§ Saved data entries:
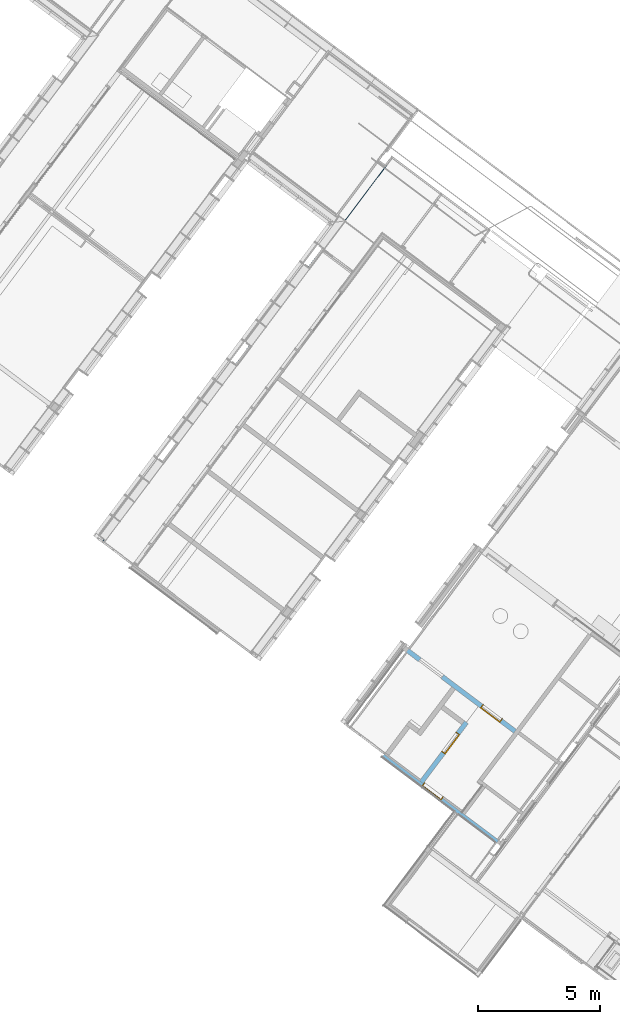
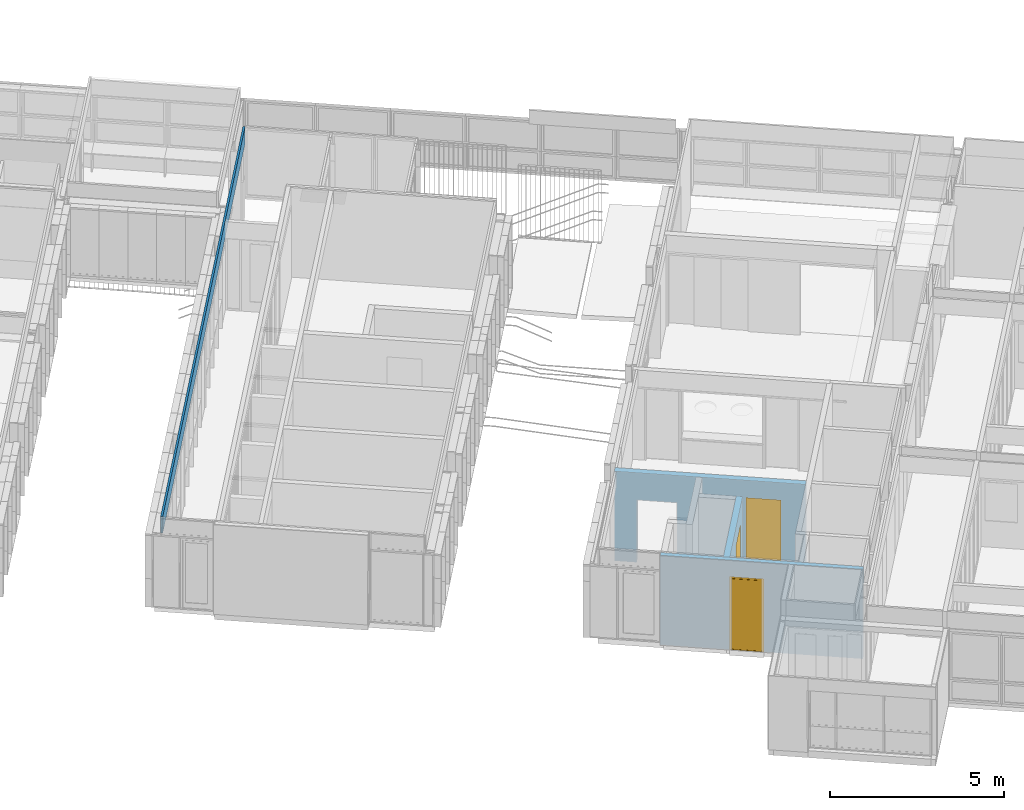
# One storey, part 136 of 243: 3 doors, 1 wall, 4 openings, plus 3 elements that do not belong to this part.
"""IFC2X3 building model written with IfcOpenShell, lengths in metres."""

from ifc_helpers import new_model, entity, si_unit, converted_unit, derived_unit, direction, frame, frame_2d, origin, place, context, subcontext, project, spatial, rectangle, extrude, faceted_brep, source, transform, mapped, material, layer, layer_set, layer_usage, type_object, type_shapes, element, fill, save


model = new_model("IFC2X3")

# Units and contexts
model_context = context("Model", 3, precision=1e-05, world=origin(), true_north=direction((6.123031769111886e-17, 1.0)))
body_context = subcontext(model_context, "Body", "Model", "MODEL_VIEW")
ifc_project = project(units=[si_unit("LENGTHUNIT", "METRE"), si_unit("AREAUNIT", "SQUARE_METRE"), si_unit("VOLUMEUNIT", "CUBIC_METRE"), converted_unit("PLANEANGLEUNIT", "DEGREE", entity("IfcRatioMeasure", 0.017453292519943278), si_unit("PLANEANGLEUNIT", "RADIAN"), dimensions=[0, 0, 0, 0, 0, 0, 0]), si_unit("MASSUNIT", "GRAM", prefix="KILO"), derived_unit("MASSDENSITYUNIT", [(si_unit("MASSUNIT", "GRAM", prefix="KILO"), 1), (si_unit("LENGTHUNIT", "METRE"), -3)]), derived_unit("IONCONCENTRATIONUNIT", [(si_unit("MASSUNIT", "GRAM", prefix="KILO"), 1), (si_unit("LENGTHUNIT", "METRE"), -3)]), derived_unit("MOMENTOFINERTIAUNIT", [(si_unit("LENGTHUNIT", "METRE"), 4)]), si_unit("TIMEUNIT", "SECOND"), si_unit("FREQUENCYUNIT", "HERTZ"), si_unit("THERMODYNAMICTEMPERATUREUNIT", "DEGREE_CELSIUS"), derived_unit("THERMALTRANSMITTANCEUNIT", [(si_unit("MASSUNIT", "GRAM", prefix="KILO"), 1), (si_unit("THERMODYNAMICTEMPERATUREUNIT", "KELVIN"), -1), (si_unit("TIMEUNIT", "SECOND"), -3)]), derived_unit("THERMALCONDUCTANCEUNIT", [(si_unit("MASSUNIT", "GRAM", prefix="KILO"), 1), (si_unit("THERMODYNAMICTEMPERATUREUNIT", "KELVIN"), -1), (si_unit("TIMEUNIT", "SECOND"), -3), (si_unit("LENGTHUNIT", "METRE"), 1)]), derived_unit("VOLUMETRICFLOWRATEUNIT", [(si_unit("LENGTHUNIT", "METRE"), 3), (si_unit("TIMEUNIT", "SECOND"), -1)]), derived_unit("MASSFLOWRATEUNIT", [(si_unit("MASSUNIT", "GRAM", prefix="KILO"), 1), (si_unit("TIMEUNIT", "SECOND"), -1)]), derived_unit("ROTATIONALFREQUENCYUNIT", [(si_unit("TIMEUNIT", "SECOND"), -1)]), si_unit("ELECTRICCURRENTUNIT", "AMPERE"), si_unit("ELECTRICVOLTAGEUNIT", "VOLT"), si_unit("POWERUNIT", "WATT"), si_unit("FORCEUNIT", "NEWTON", prefix="KILO"), si_unit("ILLUMINANCEUNIT", "LUX"), si_unit("LUMINOUSFLUXUNIT", "LUMEN"), si_unit("LUMINOUSINTENSITYUNIT", "CANDELA"), derived_unit("USERDEFINED", [(si_unit("MASSUNIT", "GRAM", prefix="KILO"), -1), (si_unit("LENGTHUNIT", "METRE"), -2), (si_unit("TIMEUNIT", "SECOND"), 3), (si_unit("LUMINOUSFLUXUNIT", "LUMEN"), 1)]), derived_unit("USERDEFINED", [(si_unit("MASSUNIT", "GRAM", prefix="KILO"), 1), (si_unit("TIMEUNIT", "SECOND"), -3), (si_unit("LENGTHUNIT", "METRE"), 3), (si_unit("ELECTRICCURRENTUNIT", "AMPERE"), -2)]), derived_unit("SOUNDPOWERUNIT", [(si_unit("MASSUNIT", "GRAM", prefix="KILO"), 1), (si_unit("TIMEUNIT", "SECOND"), -3), (si_unit("LENGTHUNIT", "METRE"), 2)]), derived_unit("SOUNDPRESSUREUNIT", [(si_unit("MASSUNIT", "GRAM", prefix="KILO"), 1), (si_unit("LENGTHUNIT", "METRE"), -1), (si_unit("TIMEUNIT", "SECOND"), -2)]), derived_unit("LINEARVELOCITYUNIT", [(si_unit("LENGTHUNIT", "METRE"), 1), (si_unit("TIMEUNIT", "SECOND"), -1)]), si_unit("PRESSUREUNIT", "PASCAL"), derived_unit("USERDEFINED", [(si_unit("MASSUNIT", "GRAM", prefix="KILO"), 1), (si_unit("LENGTHUNIT", "METRE"), -2), (si_unit("TIMEUNIT", "SECOND"), -2)]), derived_unit("LINEARFORCEUNIT", [(si_unit("MASSUNIT", "GRAM", prefix="KILO"), 1), (si_unit("TIMEUNIT", "SECOND"), -2)]), derived_unit("PLANARFORCEUNIT", [(si_unit("MASSUNIT", "GRAM", prefix="KILO"), 1), (si_unit("LENGTHUNIT", "METRE"), -1), (si_unit("TIMEUNIT", "SECOND"), -2)]), derived_unit("SPECIFICHEATCAPACITYUNIT", [(si_unit("THERMODYNAMICTEMPERATUREUNIT", "KELVIN"), -1), (si_unit("LENGTHUNIT", "METRE"), 2), (si_unit("TIMEUNIT", "SECOND"), -2)]), derived_unit("HEATINGVALUEUNIT", [(si_unit("LENGTHUNIT", "METRE"), 2), (si_unit("TIMEUNIT", "SECOND"), -2)]), derived_unit("VAPORPERMEABILITYUNIT", [(si_unit("LENGTHUNIT", "METRE"), -1), (si_unit("TIMEUNIT", "SECOND"), 1)]), derived_unit("DYNAMICVISCOSITYUNIT", [(si_unit("MASSUNIT", "GRAM", prefix="KILO"), 1), (si_unit("TIMEUNIT", "SECOND"), -1), (si_unit("LENGTHUNIT", "METRE"), -1)]), derived_unit("THERMALEXPANSIONCOEFFICIENTUNIT", [(si_unit("THERMODYNAMICTEMPERATUREUNIT", "KELVIN"), -1)]), derived_unit("MODULUSOFELASTICITYUNIT", [(si_unit("MASSUNIT", "GRAM", prefix="KILO"), 1), (si_unit("LENGTHUNIT", "METRE"), -1), (si_unit("TIMEUNIT", "SECOND"), -2)]), derived_unit("ISOTHERMALMOISTURECAPACITYUNIT", [(si_unit("LENGTHUNIT", "METRE"), 3), (si_unit("MASSUNIT", "GRAM", prefix="KILO"), -1)]), derived_unit("MOISTUREDIFFUSIVITYUNIT", [(si_unit("TIMEUNIT", "SECOND"), -1), (si_unit("LENGTHUNIT", "METRE"), 2)])], contexts=[model_context])

# Site, building, storey
site_placement = place(None, frame((0.0, 0.0, 235.0), z_axis=(0.0, 0.0, 1.0), x_axis=(-0.7996477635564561, 0.6004693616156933, 0.0)))
site = spatial("IfcSite", under=ifc_project, at=site_placement, Name="Default", CompositionType="ELEMENT")
building_placement = place(site_placement, origin())
building = spatial("IfcBuilding", under=site, at=building_placement, CompositionType="ELEMENT")
storey_placement = place(building_placement, origin())
storey = spatial("IfcBuildingStorey", under=building, at=storey_placement, Name="P0- Escola", CompositionType="ELEMENT", Elevation=0.0)

# Wall, opening, door
ifc_material_1 = material(Name="_Ceràmica- ENV")
ifc_layer_1 = layer(ifc_material_1, 0.14)
ifc_layer_set_1 = layer_set([ifc_layer_1], Name="Muro básico:ENV- Ceràmic- 14 cm")
ifc_layer_usage_1 = layer_usage(ifc_layer_set_1, "AXIS2", "NEGATIVE", 0.07)
wall_type_1 = type_object("IfcWallType", Name="Muro básico:ENV- Ceràmic- 14 cm", PredefinedType="STANDARD", material=ifc_layer_set_1)
wall_1_placement = place(storey_placement, frame((21.82514768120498, -20.22019175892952, 0.0), z_axis=(0.0, 0.0, 1.0), x_axis=(-1.0, 0.0, 0.0)))
wall_1 = element("IfcWallStandardCase", 1, at=wall_1_placement, inside=storey, type_object=wall_type_1, material=ifc_layer_usage_1, Name="Muro básico:ENV- Ceràmic- 14 cm", ObjectType="Muro básico:ENV- Ceràmic- 14 cm", context=body_context, shape_type="SweptSolid", body=[
    extrude(rectangle(XDim=5.879999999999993, YDim=0.14000000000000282, at=frame_2d((2.9399999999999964, 0.0), x_axis=(-1.0, 0.0))), origin(), (0.0, 0.0, 1.0), 3.150000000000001),
])
opening_1_placement = place(wall_1_placement, frame((3.0076161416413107, 0.07000000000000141, 0.0)))
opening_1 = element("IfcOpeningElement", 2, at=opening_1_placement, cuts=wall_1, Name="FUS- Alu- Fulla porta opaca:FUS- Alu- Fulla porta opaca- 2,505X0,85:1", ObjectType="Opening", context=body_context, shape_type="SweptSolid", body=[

§ The task: Repeat exactly the lines from the first line of the records above through the line containing "building model written", both included. Leave out the pictures.

§ Solution for this task:
# One storey, part 136 of 243: 3 doors, 1 wall, 4 openings, plus 3 elements that do not belong to this part.
"""IFC2X3 building model written with IfcOpenShell, lengths in metres."""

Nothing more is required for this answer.